I thought Elliot’s female relationships were handled better than the male friendships. You can’t avoid seeing the gay undertones that accompany their intimacy. And given that it’s openly acknowledged that the other characters thought Dylan and Elliot were having a sexual relationship simply because of their closeness (and that’s not the only combination of partners suspected) I guess that must have been what Kirsten Tranter was aiming for. It’s a real pity, I would’ve liked her to take a less obvious path in her portrayal of male closeness.

I liked the Las Vegas setting a lot. Its slick, trashiness was a character in itself. Cynthia’s graduate work looking at fake versus authentic in culture is interesting but it’s a bit of a blunt way to push the idea that the tacky glitz of Vegas hiding its seedy, dirty underbelly is the perfect metaphor for the larger story – charismatic, showy Dylan was the perfect friend but beneath that sheen he dealt in blackmail and grubby secrets.

Every now and then the plot felt secondary to Tranter’s thematic exploration. It seems to me like they should have just gone to the police. All four of them had secrets that would be damaging to their reputation (lost jobs, wives and girlfriends that might never forgive them) but wouldn’t get them arrested. Being blackmailed is obviously a stressful and problematic situation but I couldn’t shake the feeling that sometimes the group were being overly dramatic.
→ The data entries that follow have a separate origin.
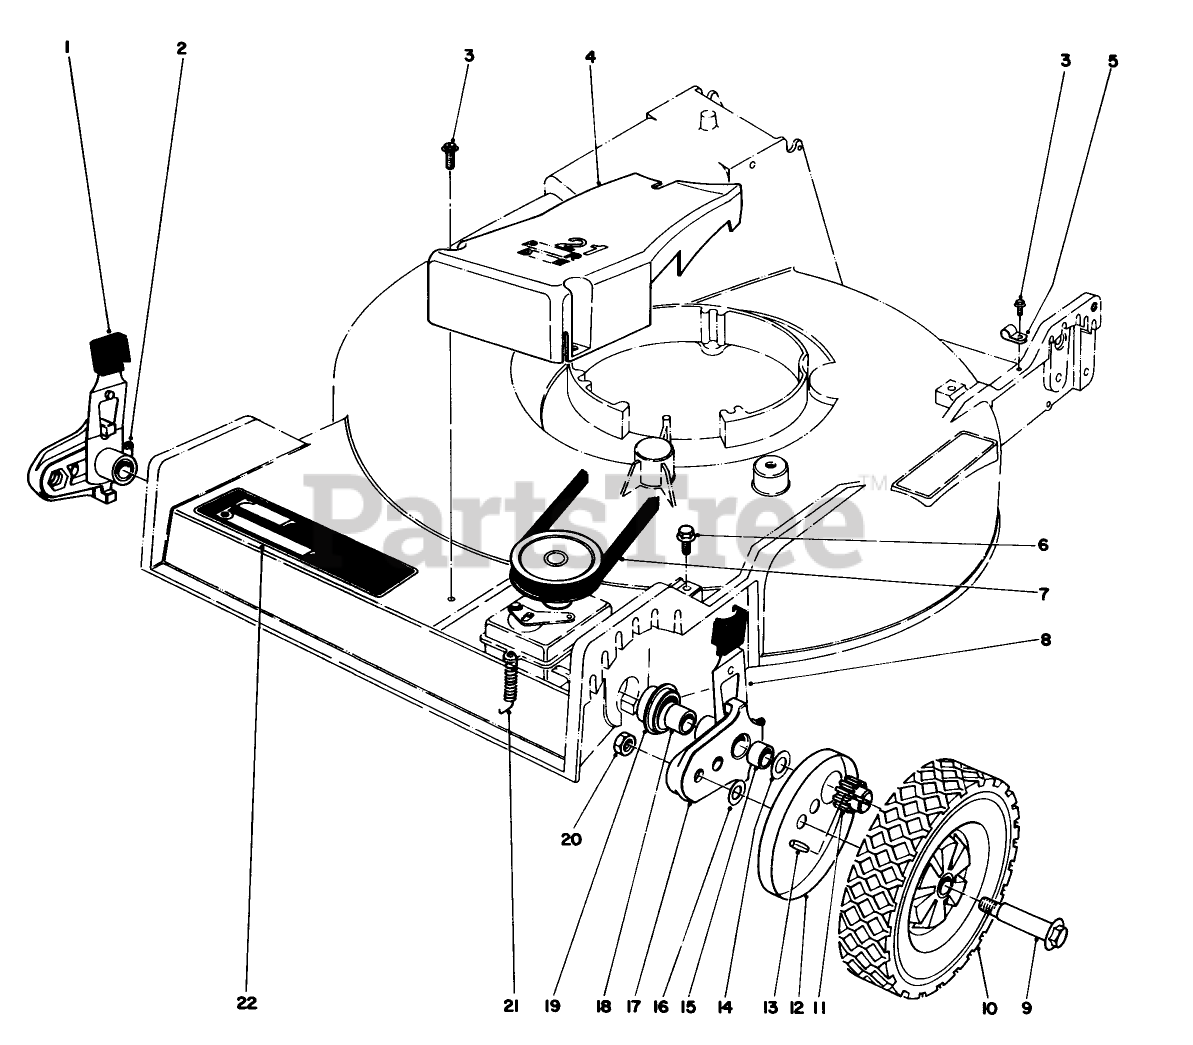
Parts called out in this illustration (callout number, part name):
1	KNOB-ARM
2	FITTING-GREASE
3	SCREW
5	CLAMP-NYLON
6	SCREW-THD ROLL, HWH
7	BELT-V
9	BOLT-WHEEL
14	WASHER-THRUST
15	Bushing
16	WASHER
17	PIVOT ARM ASM
19	END CAP
21	TENSION SPRING

Then there’s the car crash that happened when they were in college. Yes, undoubtedly a traumatic event at the time, but no one had more than a cut and some whiplash. To continue to be haunted by the memory, to have nightmares about it, a decade later seems silly. This car crash is mentioned over and over, imbued with gratuitous meaning.

In college Elliot tries to write an essay on Tennyson’s In Memoriam. Now I’m as baffled by poetry as most people, and apparently so was Elliot. He’s struggling to write the essay, spending a week as a hermit reading book after book about Tennyson and related topics to no avail. Elliot’s clearly a smart, and generally level-headed, guy; he goes on to become a professor at a prestigious college (English drama being his specialty). To have such a freak out about one undergraduate essay seems melodramatic (speaking as someone who’s written several literature essays that I was underprepared for). What transpires becomes the basis for the secret that Dylan could hold over him, so it’s relevant to the plot, but it didn’t quite feel believable.
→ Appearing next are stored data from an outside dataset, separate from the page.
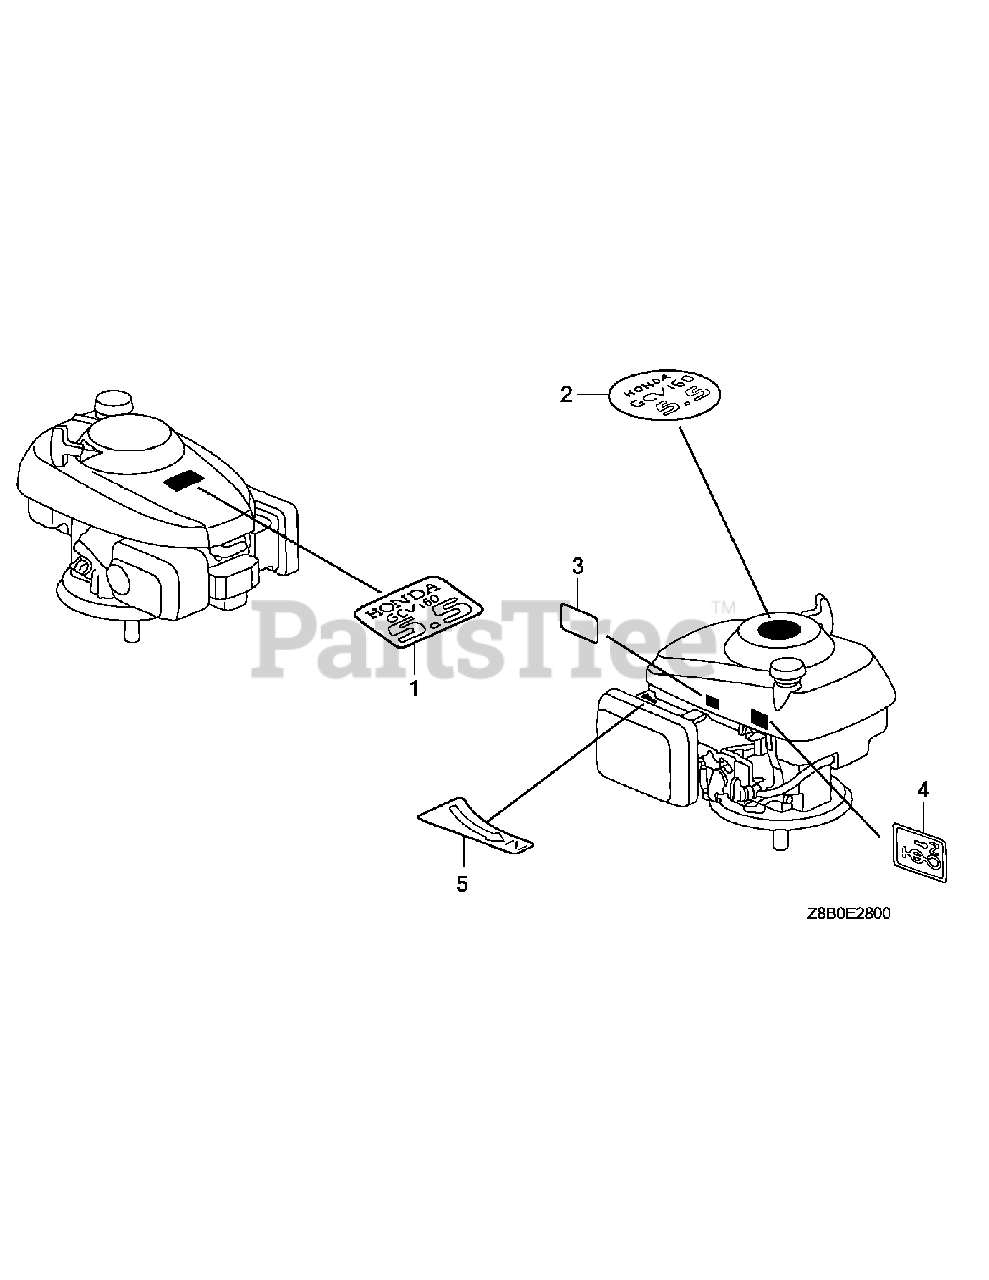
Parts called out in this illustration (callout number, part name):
1	MARK, EMBLEM (GCV160 5.5)
2	MARK, EMBLEM (GCV160)
3	LABEL, WARNING
4	MARK, CHOKE
5	MARK, CHOKE INDICATION
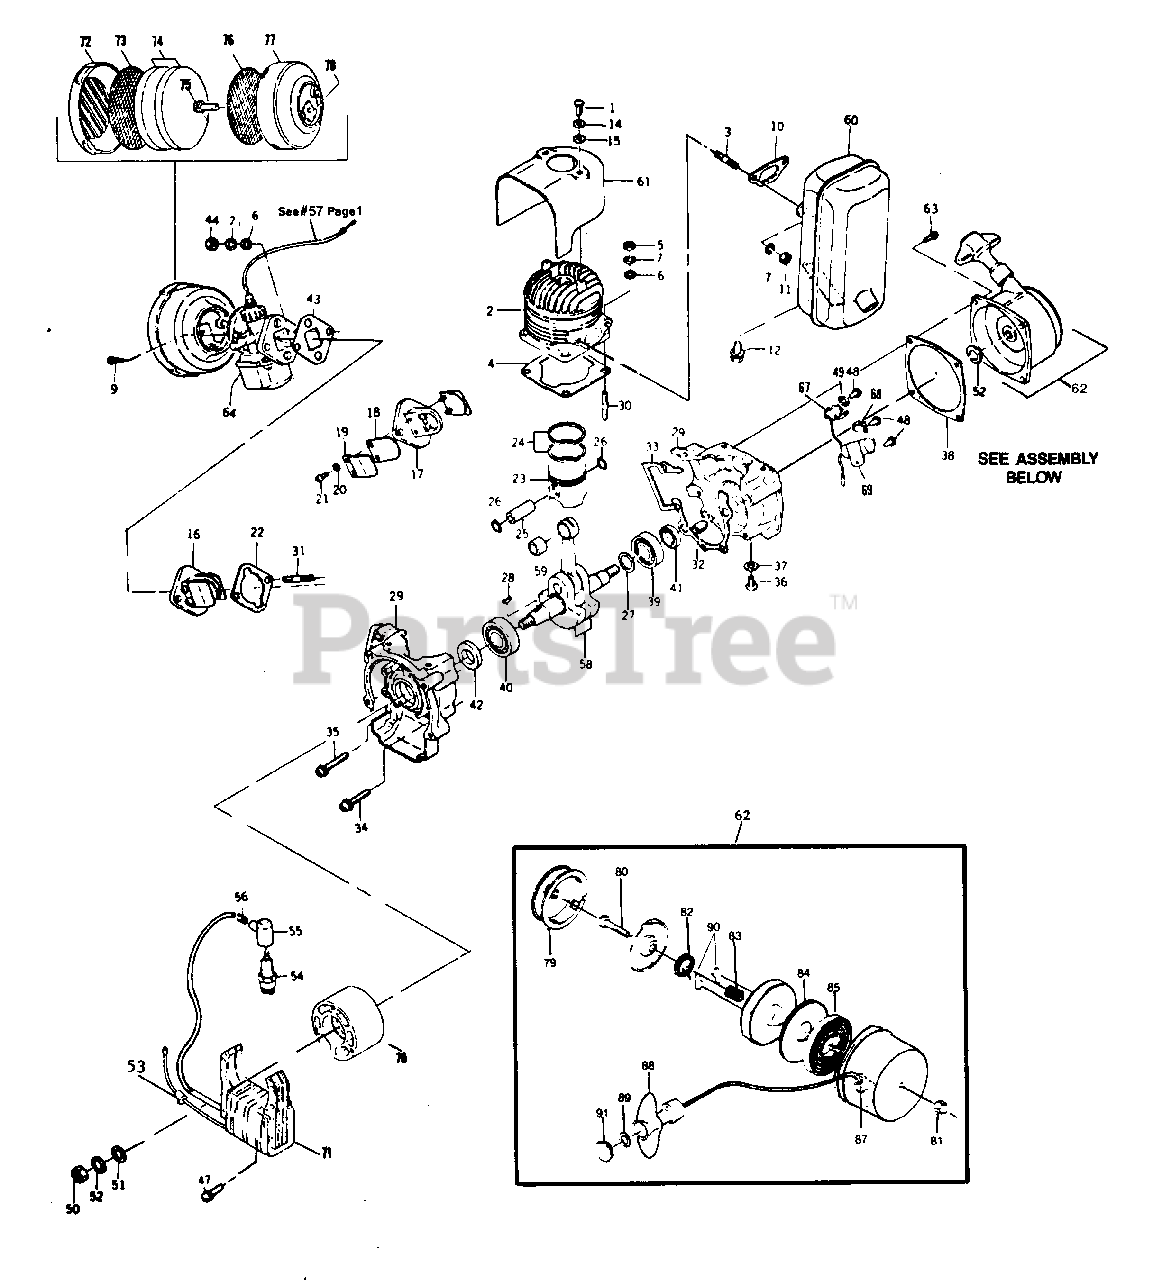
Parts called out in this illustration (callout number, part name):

Colin, the blackmailer, was excellently strange, a disturbing mix of courteous and psychotic. The scenes with him were fascinating. He has a way of talking to the group like he really admires them and they’re just doing him a favour:

I’m talking about opportunities. College, and beyond. Tallis, you could really help me with opportunities in the business sector. And Brian – I have some great ideas for scripts. For films. I’d really like to get your feedback.

Colin threatens them all with ruin, yet he needs them to like him, he wants them to be tied to him. But then the end fizzled. They dealt with Colin in a fairly uninspiring way. And ultimately nothing had really changed. In the closing moments Tallis says to Elliot, ‘Flash place, this. Nice enough. What do you think about staying here next year?’, as if the whole blackmail thing had never happened. So the lack of change was thematically purposeful, but I almost never like endings like that. I felt the same way after watching the ending of the movie Up in the Air – deflated.